不过看见她真的很害怕的样子,殷雪灼觉得差不多行了,才慢慢坐直起来,手臂把季烟往怀里带了带,将她护在怀里。
怀里软软的一团,手感依旧是那么的好,毫无戒备地依偎着他,殷雪灼很满意,只用冰冷的眼风扫了一眼戎戈,“变小。”
戎戈自打进来,就被季烟这一惊一乍的尖叫弄得一头雾水,他看着这人类缩在魔主怀里,才后知后觉地明白——哦,原来真不是吃的。
他立刻深刻地意识到了自己的错误,乖乖变成了普通蛇的大小,殷雪灼的眼神仍旧很冷,他又缩小了一下,然后又缩小了一下,最后硬生生在大魔王的注视下,变成了蚯蚓大小。
戎戈:想我昔日魔王,堂堂五魔将之一,混得像条泥鳅。
戎戈心里苦。
他笨拙地扭动着细长的身躯,抬着头,一对金黄的竖瞳胆怯地注视着魔主,嘶嘶吐着红信子。
殷雪灼还不满意,冷笑一声,“解释。
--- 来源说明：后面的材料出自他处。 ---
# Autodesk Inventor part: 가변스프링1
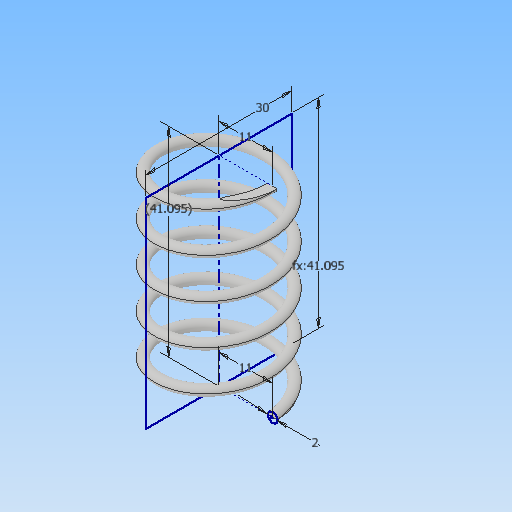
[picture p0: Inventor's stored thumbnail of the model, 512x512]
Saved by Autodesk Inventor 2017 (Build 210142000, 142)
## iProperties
Part Number: 가변스프링1
Material: 일반
Document SubType Name: Modeling
Designer: MRC
Density: 1 g/cm^3
Appearance: 기본값
Mass: 1.07473 g
Surface Area: 21.7438 cm^2
Volume: 1.07473 cm^3
Author: MRC
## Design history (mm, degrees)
sketch "스케치1"
  geometry: L1 (0, 0)-(0, 41.095); L2 (0, 41.095)-(11, 41.095); L3 (0, 0)-(11, 0); C1 r 1 at (11, 0)
  constraints: 6 end point, 2 horizontal, 1 centre point, 1 coincident, 1 vertical
  dimensions: "d0" = 41.0955 distance of L1.start L1.end (derived); "d1" = 11 distance of L1.end L2.end; "d2" = 11 distance of L1.start L3.end; "d3" = 2 diameter of C1
feature "코일1" sketch "스케치1" pitch "d4" = 10; turns "d6" = 5; dims "d5" = 41.0955 (= d0), "d7" = 0, angle "d8" = 90 deg, angle "d9" = 90 deg, "d10" = 0, "d11" = 0
sketch "스케치2"
  geometry: L1 (41.095, 15)-(0, 15); L2 (0, 15)-(0, -15); L3 (0, -15)-(41.095, -15); L4 (41.095, -15)-(41.095, 15); 2 further points
  constraints: 8 end point, 2 parallel, 1 coincident, 1 horizontal, 1 midpoint, 1 perpendicular
  dimensions: "d12" = 41.0955 distance of L2.end L3.end (= d0); "d13" = 30 distance of L3.end L1.start
extrude "돌출1" sketch "스케치2" stored distance "d14" = 0; taper "d15" = 0 deg
node "솔리드1"
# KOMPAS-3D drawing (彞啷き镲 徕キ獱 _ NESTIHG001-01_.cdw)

Views: Вид 1, Спереди
Referenced files in \\Smallatom\скворечник\: передняя стенка.m3d, Передняя стенка _ NESTIHG001-01.cdw
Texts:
  NESTING001-01
  Передняя стенка
  Лит-Масса-Масштаб
  Материал-Предприятие
  Title Specification
  Body Specification ( left align )
  Body Specificaton ( centered )
  Поз.
  Кол.
  Приме-
  чание
  Таблица спецификации
  Демьянова Л.В.
  NESTIHG001-01-
  КЮТ СО РАН
Dimensions and other numbers on the sheet: 140; 250; 30; 110; 70; 65; 10; 60; 4,2; 4 отв.; 6; 1:2; 1; 0,35
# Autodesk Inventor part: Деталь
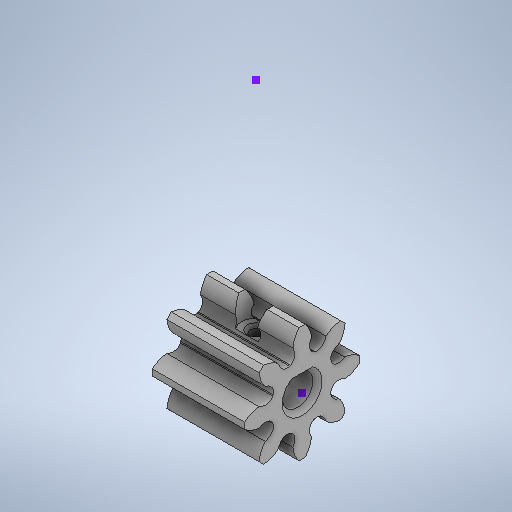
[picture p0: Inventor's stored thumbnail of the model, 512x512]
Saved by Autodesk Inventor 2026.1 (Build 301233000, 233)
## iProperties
Company: UNSPECIFIED
Created: 1900-01
Part Number: Деталь
Material: Типовые
Description: STEP AP203
Document SubType Name: Modeling
Designer: Yury Melnikov
Density: 1 g/cm^3
Appearance: По умолчанию
Sending System: C3D Toolkit
Preprocessor: C3D Converter
Title: Äåòàëü
Author: UNSPECIFIED
Revision Number: ANYUNSPECIFIED
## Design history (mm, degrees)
node "Исправленная геометрия1"
  sketch "3D эскиз1"
  node "3D эскиз2"
  node "3D эскиз3"
  node "3D эскиз4"
  sketch "3D эскиз5"
  node "3D эскиз6"
feature "БазТело1"
sketch "Эскиз1"
  geometry: L1 (-1.549, 2.15)-(1.549, 2.15); A1 r 2.65 centre (0, 0) between (-1.549, 2.15) and (1.549, 2.15); 1 further point
  constraints: 2 end point, 2 point on circle, 1 centre point, 1 coincident, 1 horizontal
  dimensions: "d0" = 5.3 diameter of A1; "d1" = 4.8 dimension on A1 L1
extrude "Выдавливание1" cut sketch "Эскиз1" distance "d2" = 20; taper "d3" = 0 deg
sketch "Эскиз2"
  geometry: L1 (-16, 8.992)-(0, 8.992) reference; C1 r 1 at (-8, 1.549); 2 further points
  constraints: 1 centre point, 1 horizontal alignment, 1 midpoint, 1 vertical alignment
  dimensions: "d4" = 2 diameter of C1
extrude "Выдавливание2" cut sketch "Эскиз2" distance "d5" = 20; taper "d6" = 0 deg
node "РабПлоскость1"
sketch "Эскиз3"
  geometry: C1 r 1 at (-8, 1.549) reference; C2 r 2.5 at (-8, 1.549); 5 further points
  constraints: 2 horizontal alignment, 2 vertical alignment, 1 centre point, 1 coincident
  dimensions: "d8" = 5 diameter of C2
extrude "Выдавливание3" cut sketch "Эскиз3" distance "d9" = 20; taper "d10" = 0 deg
chamfer "Фаска1" distance "d11" = 0.5; stored, may be unused: second distance "d12" = 2, angle "d13" = 45 deg
chamfer "Фаска2" distance "d14" = 0.8; stored, may be unused: second distance "d15" = 2, angle "d16" = 45 deg
node "Твердое тело1"
node "Спроецированная петля1"
other parameters: "d7" = -3.25
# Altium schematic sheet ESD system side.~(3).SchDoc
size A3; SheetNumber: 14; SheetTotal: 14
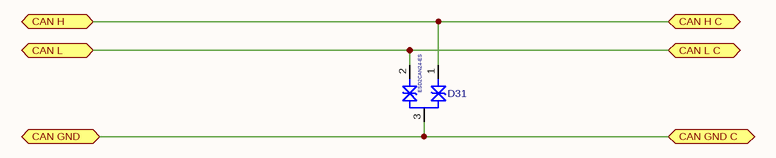
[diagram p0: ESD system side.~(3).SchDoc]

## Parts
D31  ESD2CAN24-ES  [SOT-23 123]

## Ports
CAN GND (bidir, see Arhitecture[6B], BMS[8B], MCU[8B]), CAN GND C (bidir, see Arhitecture[7B]), CAN H (bidir, see Arhitecture[6B], BMS[8B], MCU[8A]), CAN H C (bidir, see Arhitecture[7B]), CAN L (bidir, see Arhitecture[6B], BMS[8B], MCU[8B]), CAN L C (bidir, see Arhitecture[7B])

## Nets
CAN GND: D31.3 ; port CAN GND, port CAN GND C
CAN H: D31.1 ; port CAN H, port CAN H C
CAN L: D31.2 ; port CAN L, port CAN L C

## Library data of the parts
D31 = ESD2CAN24-ES: ESD TVS CAN; Manufacturer: ElecSuper

”
解释?解释什么?
戎戈犹豫了一下,终于开始口吐人言,慢慢说起整个事情的起因经过。
他说着,整颗蛇头都无精打采地耷拉着,一副委屈得不得了的样子。
他哪知道这个人吃不得嘛。
以前吃了那么多人,魔主也没说他吃错了啊。
再说了,魔主也没昭告群魔,他又常年不在魔域,完全不知道魔主现在养宠物的癖好如此独特了……他一条老实蟒,他容易吗他?
好差事轮不到他,好不容易回来一趟,居然还被昌溟那家伙坑了,他一边深刻地和魔主检讨自己的错误,一边疯狂把锅往昌溟身上甩。
“昌溟一见到属下,就主动和属下说话,非要属下去幽水境一趟。”
“属下也觉得魔主养的凡人不能吃,可昌溟他非要我吃,他骗我说着凡人就是为我准备的事物,属、属下真的不知道不能吃。”
“老实说,她这也没长多少肉,看着全是骨头,也没修为……这也不好吃啊……”
季烟:???不是,你甩锅就甩锅,嫌弃她不好吃是什么意思?
果然上梁不正下梁歪,有什么样的上司,就有什么样的下属呢。
季烟很想反驳,又怕一抬头就看见那只大蟒蛇,她紧紧抱着殷雪灼,继续做她的树懒。
殷雪灼一边享受地抱着怀里柔软的少女躯体,一边漫不经心地听了来龙去脉,眼皮子微微掀了掀。
黑睫下的眼瞳冰冷如霜。
他手下的魔一个比一个桀骜不驯,他倒是甚少管教,平时就算私底下打架斗殴,只要不违规吞噬低等魔,他也懒得管他们怎么折腾。
以前昌溟戎戈打架,撞垮了魔域的一座高山,殃及千万小魔,殷雪灼也没插手。
他其实是个很懒的君主。
但是这个很懒的君主,他养的小废物差点被吞了。
她要是真被吃了,别的不说,他也会被戎戈的胃给消化掉……殷雪灼完全不能接受,无论从哪一方面。
他眼底满是戾气,恨不得现在就捏死这泥鳅大小的戎戈,黑色的指甲在季烟的后颈上慢慢划过,带起一阵毛骨悚然的痒。
季烟:头皮麻了。
季烟悄悄在殷雪灼掌下扭了扭,十分难受得抬起头,露出一双湿润的眸子,努力露出可怜的表情,眼巴巴地瞅着他。